EXTRACTED RECORDS:
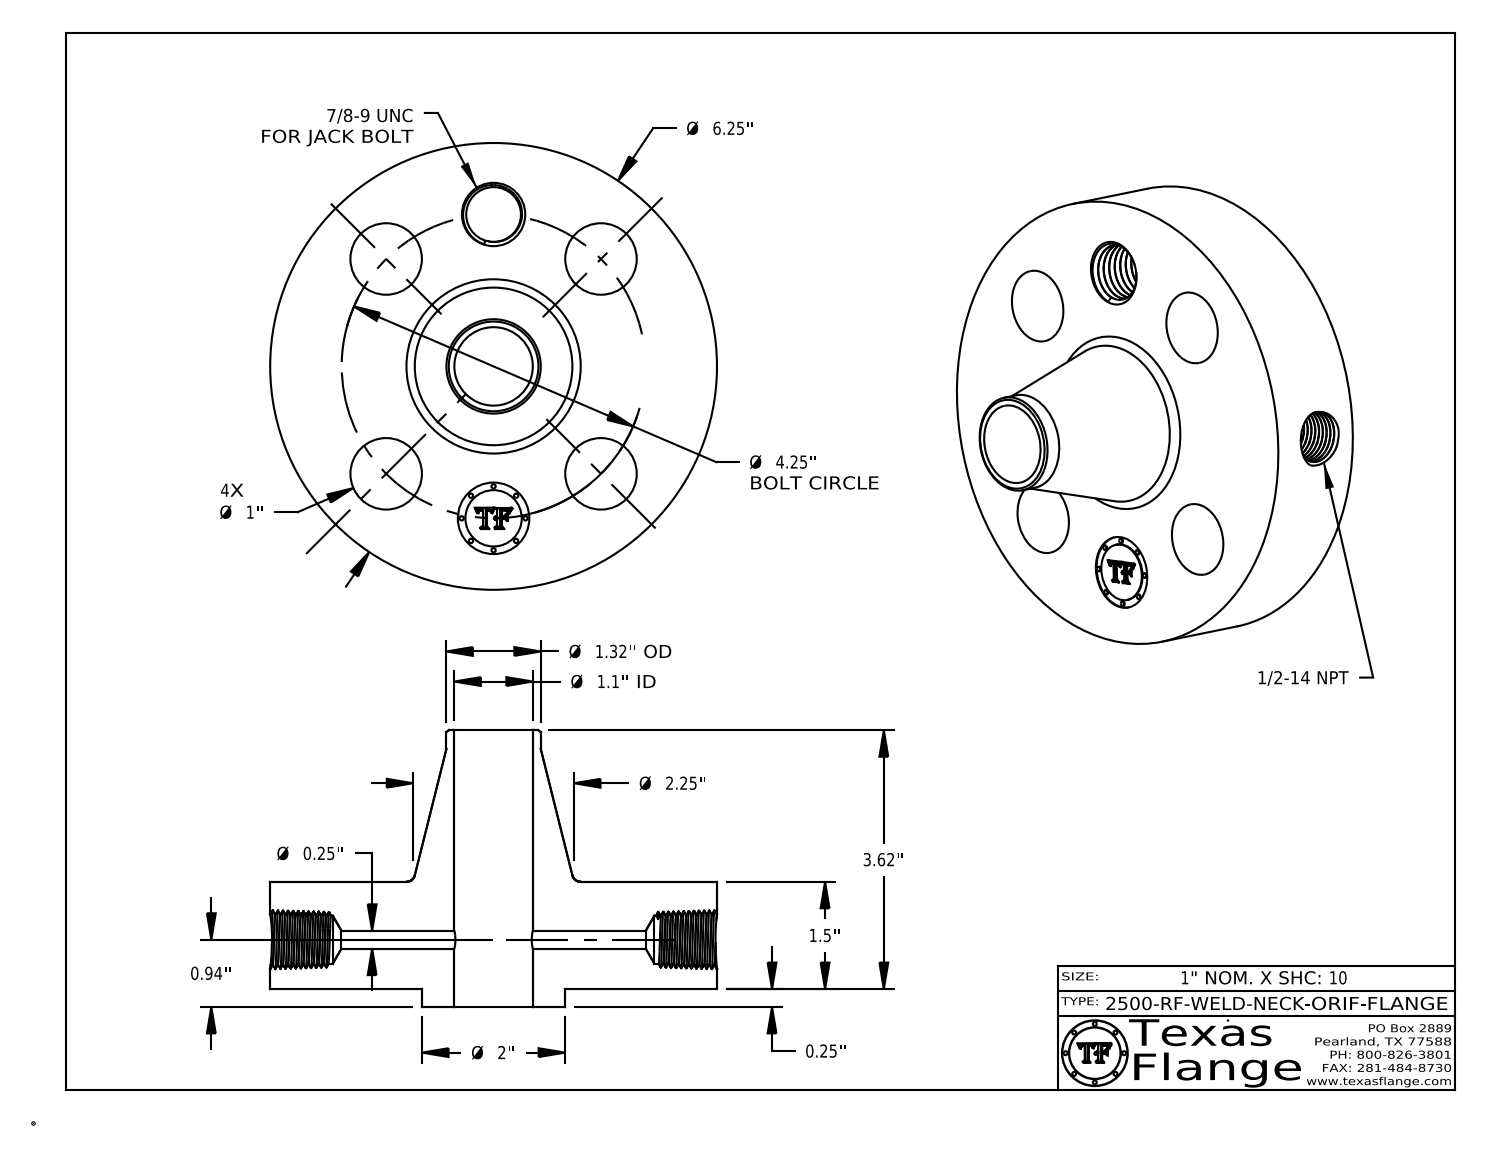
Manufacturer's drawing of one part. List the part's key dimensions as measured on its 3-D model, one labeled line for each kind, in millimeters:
Part name (STEP PRODUCT): 2500-RF-WELD-NECK
STEP written by: CATIA V5 STEP AP214 (AUTOMOTIVE_DESIGN)
Units: millimetres
Bodies: 1 solid, 751 faces (369 planar, 82 cylindrical, 300 other)
Overall size (bounding box): 158.8 × 158.8 × 98.3
Volume: 685 300 mm³ · Surface area: 89 740 mm²
Round holes (diameter × count): ⌀25.4 ×5, ⌀6.4 ×1, ⌀17.1 ×1, ⌀19.5 ×1, ⌀27.9 ×1
Round bosses / shafts (diameter × count): ⌀1.5 ×8, ⌀158.8 ×1, ⌀50.8 ×1, ⌀33.5 ×1, ⌀20 ×1
Main face-to-face distances: 38.1, 6.4, 44.5, 0.4, 44.1, 37.7, 98.3, 91.9, 54.2, 53.8
Hole centre spacings: 54, 41.3, 76.4, 99.7, 108
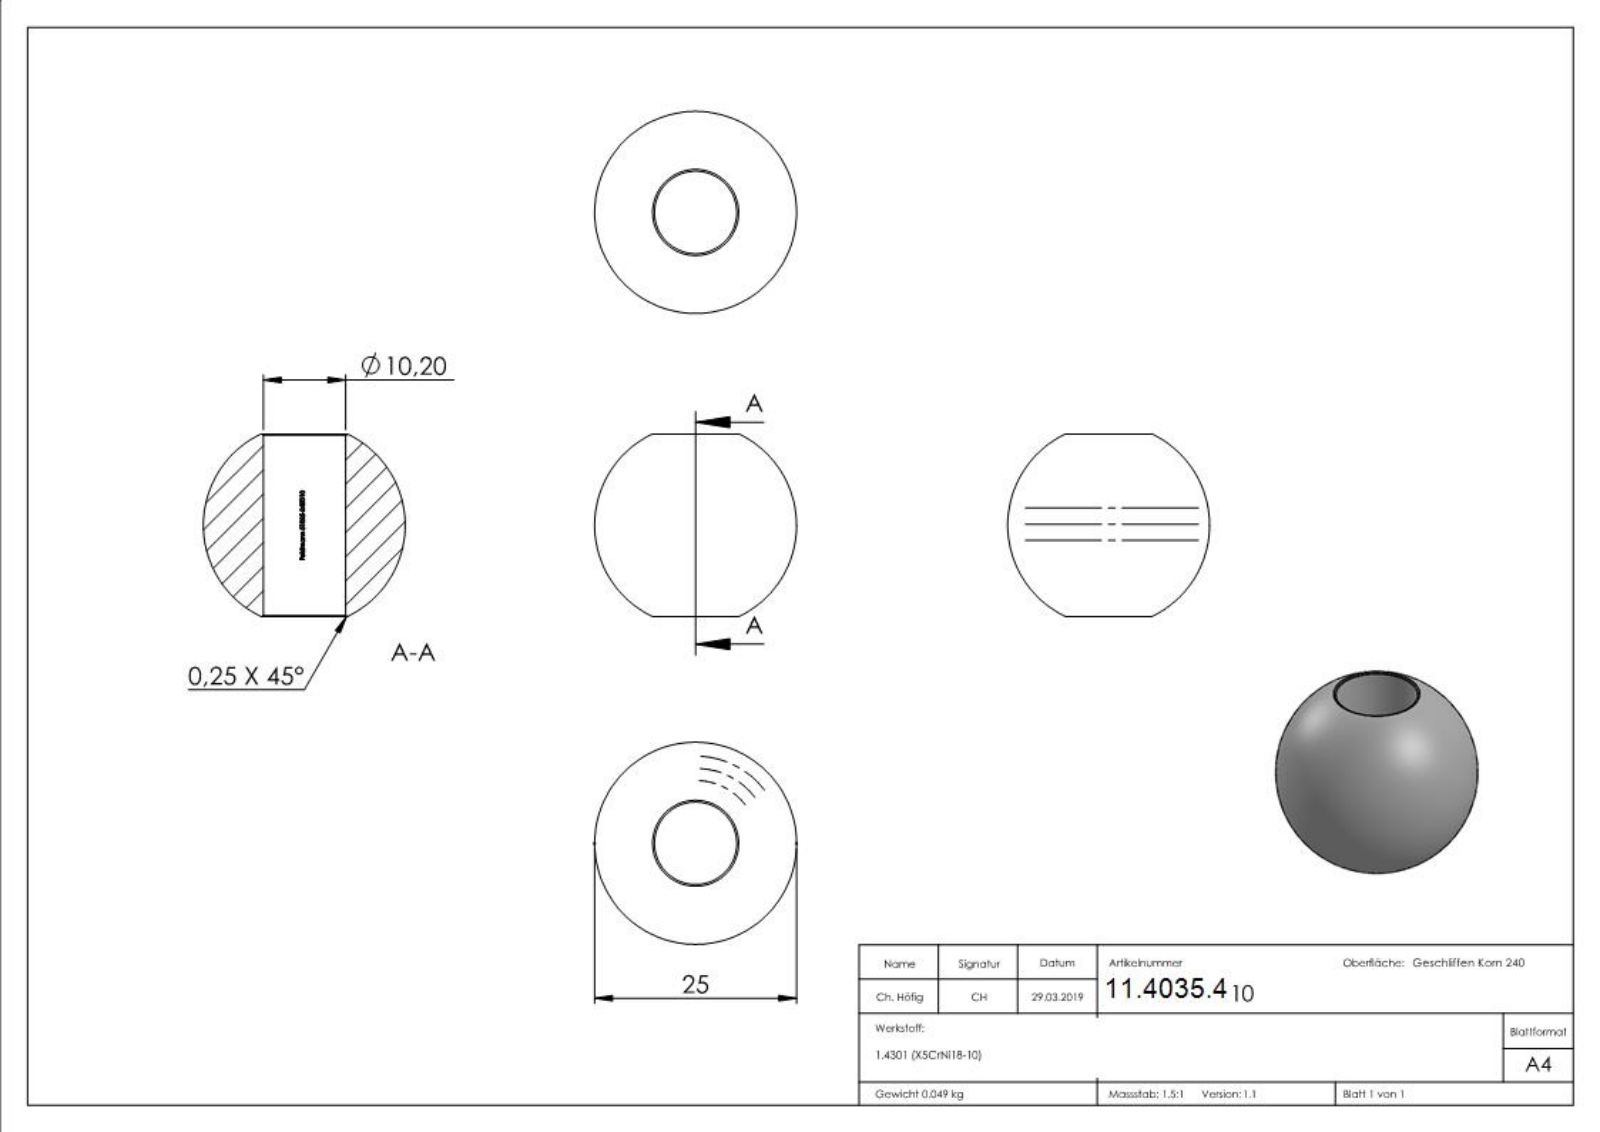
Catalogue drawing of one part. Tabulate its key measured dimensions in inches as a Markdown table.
| quantity | value |
| --- | --- |
| part name | 51025-240D10 |
| STEP written by | SolidWorks 2015 (CONFIG_CONTROL_DESIGN) |
| units | inches |
| bodies | 1 solid, 259 faces (113 planar, 30 cylindrical, 116 other) |
| overall size | 0.984 × 0.984 × 0.891 |
| volume | 0.38 in³ |
| surface area | 3.897 in² |
| round holes (diameter × count) | 0.402 × 1 |
| partial cylindrical surfaces (radius × count) | 0.205 × 1 |
| main face-to-face distances | 0.026, 0.024, 0.254, 0.117, 0.23, 0.05, 0.014, 0.28, 0.137, 0.143 |
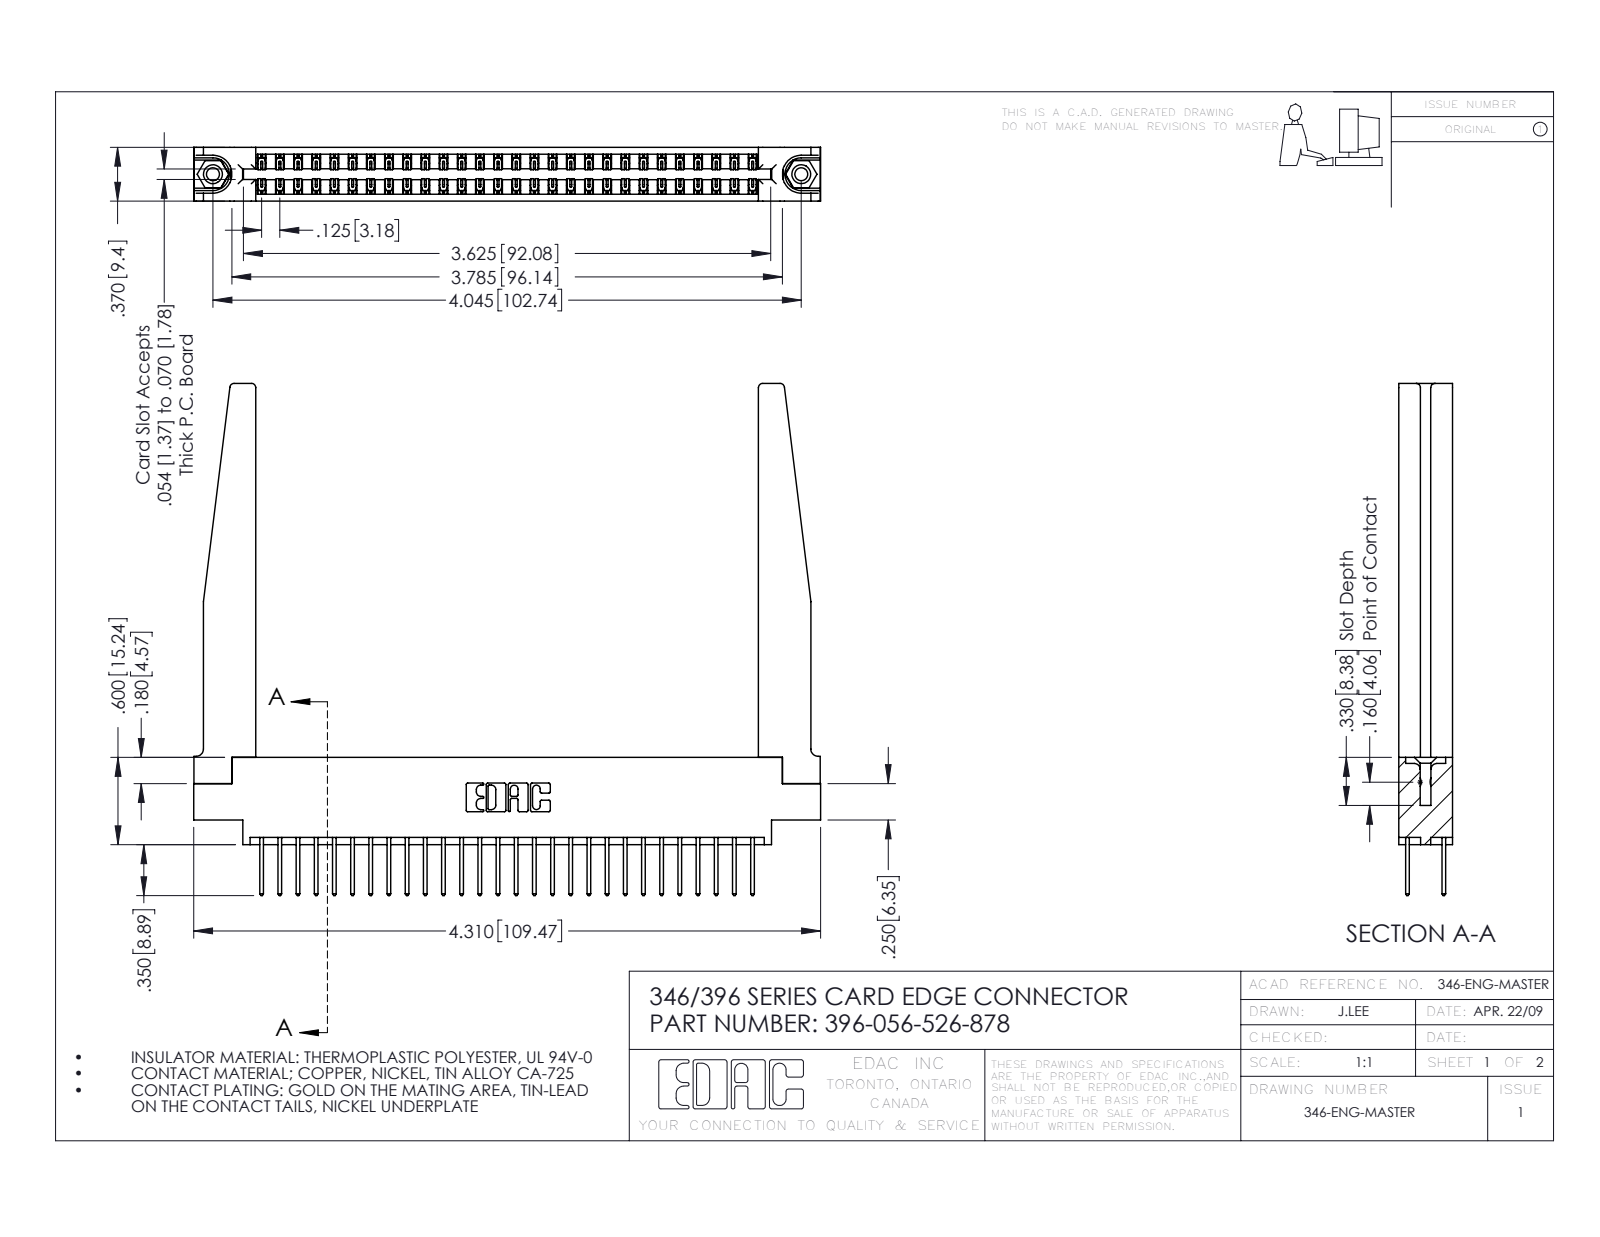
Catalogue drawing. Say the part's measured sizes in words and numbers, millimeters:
The part is named "345-292-001_345-293-126; 345-250-001_345-250-001-102; 346 Part_0.170 Offset - 0.156 Dia-TH; 346-220-078_345-220-078 (+1 more)". Its 3-D file was written by "SolidWorks 2016 (CONFIG_CONTROL_DESIGN)". It is 61 solids with 3272 faces: 2182 planar, 1038 cylindrical and 52 other. Overall it measures 109.5 by 89.4 by 9.4 millimeters. Its volume is 17 420 cubic millimeters and its surface area 21 350 square millimeters. Round holes: 2 of diameter 2.3, 2 of diameter 3.2, 2 of diameter 4, 1 of diameter 1.6. Round bosses or shafts: 2 of diameter 3.9. Partial cylindrical surfaces (rounded edges, fillets, slot ends): 84 of radius 0.2, 56 of radius 0.3, 22 of radius 0.3, 8 of radius 0.8, 6 of radius 0.2, 6 of radius 0.8, 3 of radius 0.7, 2 of radius 0.4. The main face-to-face distances are 9.4, 1.2, 8.2, 1.8, 6.4, 3.8, 3.8, 7.6, 0.6, 7. The hole center spacings are 6.2, 97.5, 102.7.
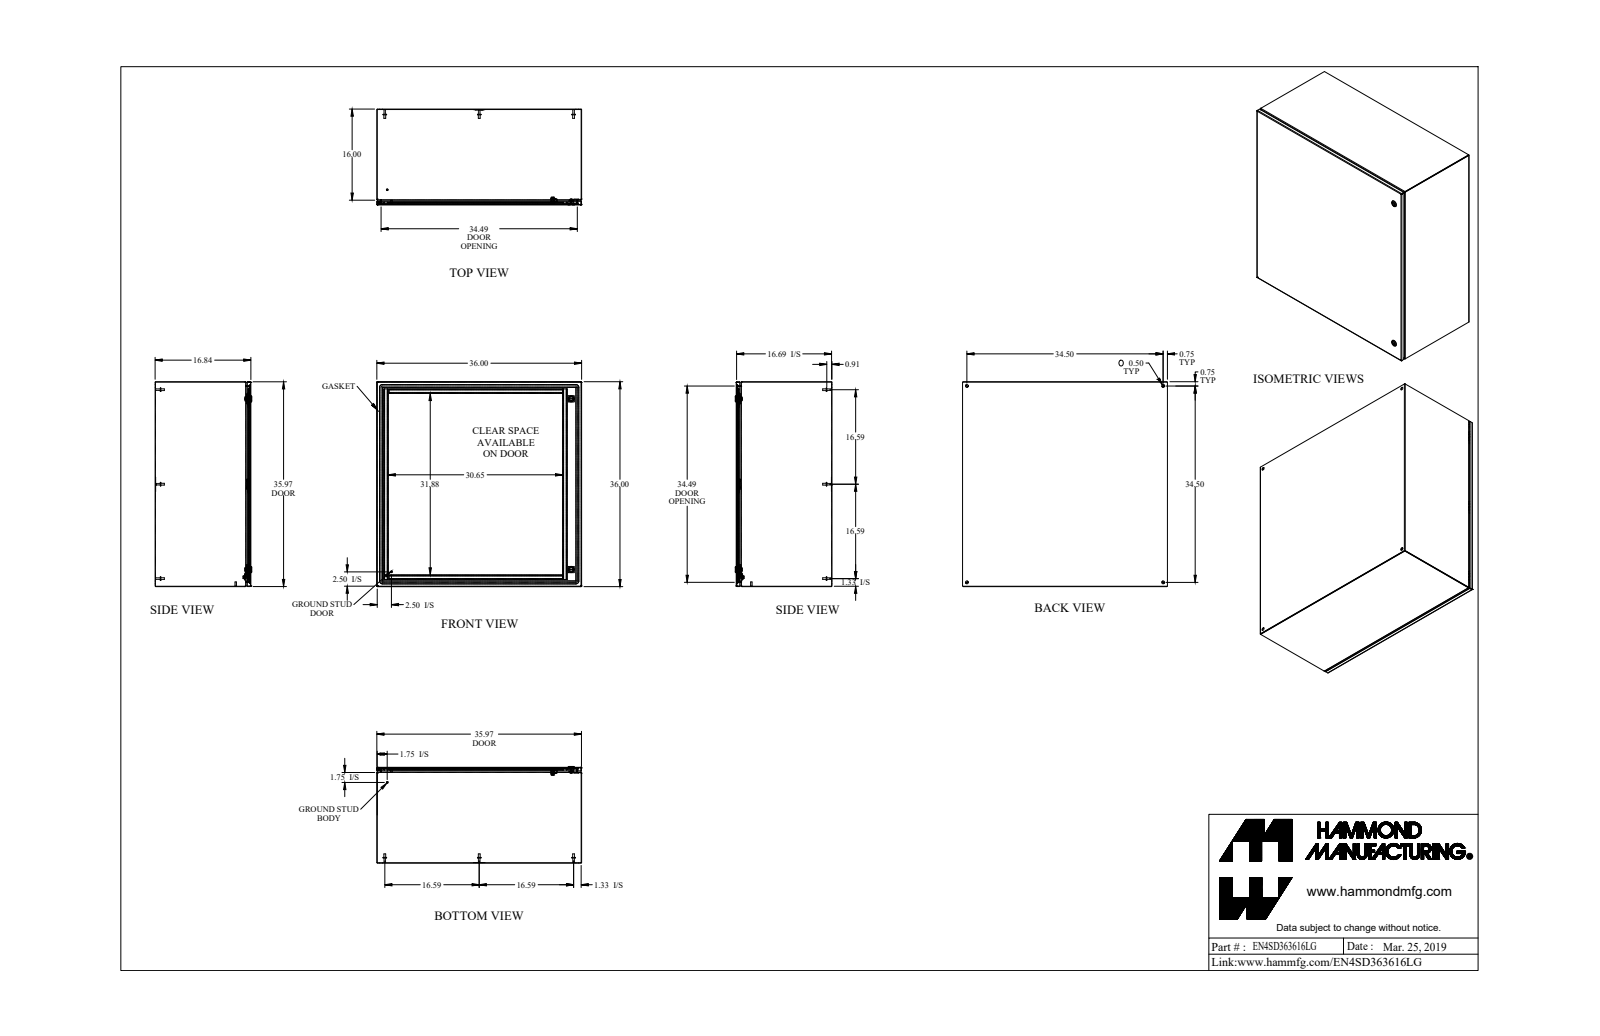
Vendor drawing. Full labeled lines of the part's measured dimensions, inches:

WHAT YOU SHOULD DO: Return each entry exactly as given. Leave the images out.

OUTPUT OF THE TASK:
Manufacturer's drawing of one part. List the part's key dimensions as measured on its 3-D model, one labeled line for each kind, in millimeters:
Part name (STEP PRODUCT): 2500-RF-WELD-NECK
STEP written by: CATIA V5 STEP AP214 (AUTOMOTIVE_DESIGN)
Units: millimetres
Bodies: 1 solid, 751 faces (369 planar, 82 cylindrical, 300 other)
Overall size (bounding box): 158.8 × 158.8 × 98.3
Volume: 685 300 mm³ · Surface area: 89 740 mm²
Round holes (diameter × count): ⌀25.4 ×5, ⌀6.4 ×1, ⌀17.1 ×1, ⌀19.5 ×1, ⌀27.9 ×1
Round bosses / shafts (diameter × count): ⌀1.5 ×8, ⌀158.8 ×1, ⌀50.8 ×1, ⌀33.5 ×1, ⌀20 ×1
Main face-to-face distances: 38.1, 6.4, 44.5, 0.4, 44.1, 37.7, 98.3, 91.9, 54.2, 53.8
Hole centre spacings: 54, 41.3, 76.4, 99.7, 108
Catalogue drawing of one part. Tabulate its key measured dimensions in inches as a Markdown table.
| quantity | value |
| --- | --- |
| part name | 51025-240D10 |
| STEP written by | SolidWorks 2015 (CONFIG_CONTROL_DESIGN) |
| units | inches |
| bodies | 1 solid, 259 faces (113 planar, 30 cylindrical, 116 other) |
| overall size | 0.984 × 0.984 × 0.891 |
| volume | 0.38 in³ |
| surface area | 3.897 in² |
| round holes (diameter × count) | 0.402 × 1 |
| partial cylindrical surfaces (radius × count) | 0.205 × 1 |
| main face-to-face distances | 0.026, 0.024, 0.254, 0.117, 0.23, 0.05, 0.014, 0.28, 0.137, 0.143 |
Catalogue drawing. Say the part's measured sizes in words and numbers, millimeters:
The part is named "345-292-001_345-293-126; 345-250-001_345-250-001-102; 346 Part_0.170 Offset - 0.156 Dia-TH; 346-220-078_345-220-078 (+1 more)". Its 3-D file was written by "SolidWorks 2016 (CONFIG_CONTROL_DESIGN)". It is 61 solids with 3272 faces: 2182 planar, 1038 cylindrical and 52 other. Overall it measures 109.5 by 89.4 by 9.4 millimeters. Its volume is 17 420 cubic millimeters and its surface area 21 350 square millimeters. Round holes: 2 of diameter 2.3, 2 of diameter 3.2, 2 of diameter 4, 1 of diameter 1.6. Round bosses or shafts: 2 of diameter 3.9. Partial cylindrical surfaces (rounded edges, fillets, slot ends): 84 of radius 0.2, 56 of radius 0.3, 22 of radius 0.3, 8 of radius 0.8, 6 of radius 0.2, 6 of radius 0.8, 3 of radius 0.7, 2 of radius 0.4. The main face-to-face distances are 9.4, 1.2, 8.2, 1.8, 6.4, 3.8, 3.8, 7.6, 0.6, 7. The hole center spacings are 6.2, 97.5, 102.7.
Vendor drawing. Full labeled lines of the part's measured dimensions, inches:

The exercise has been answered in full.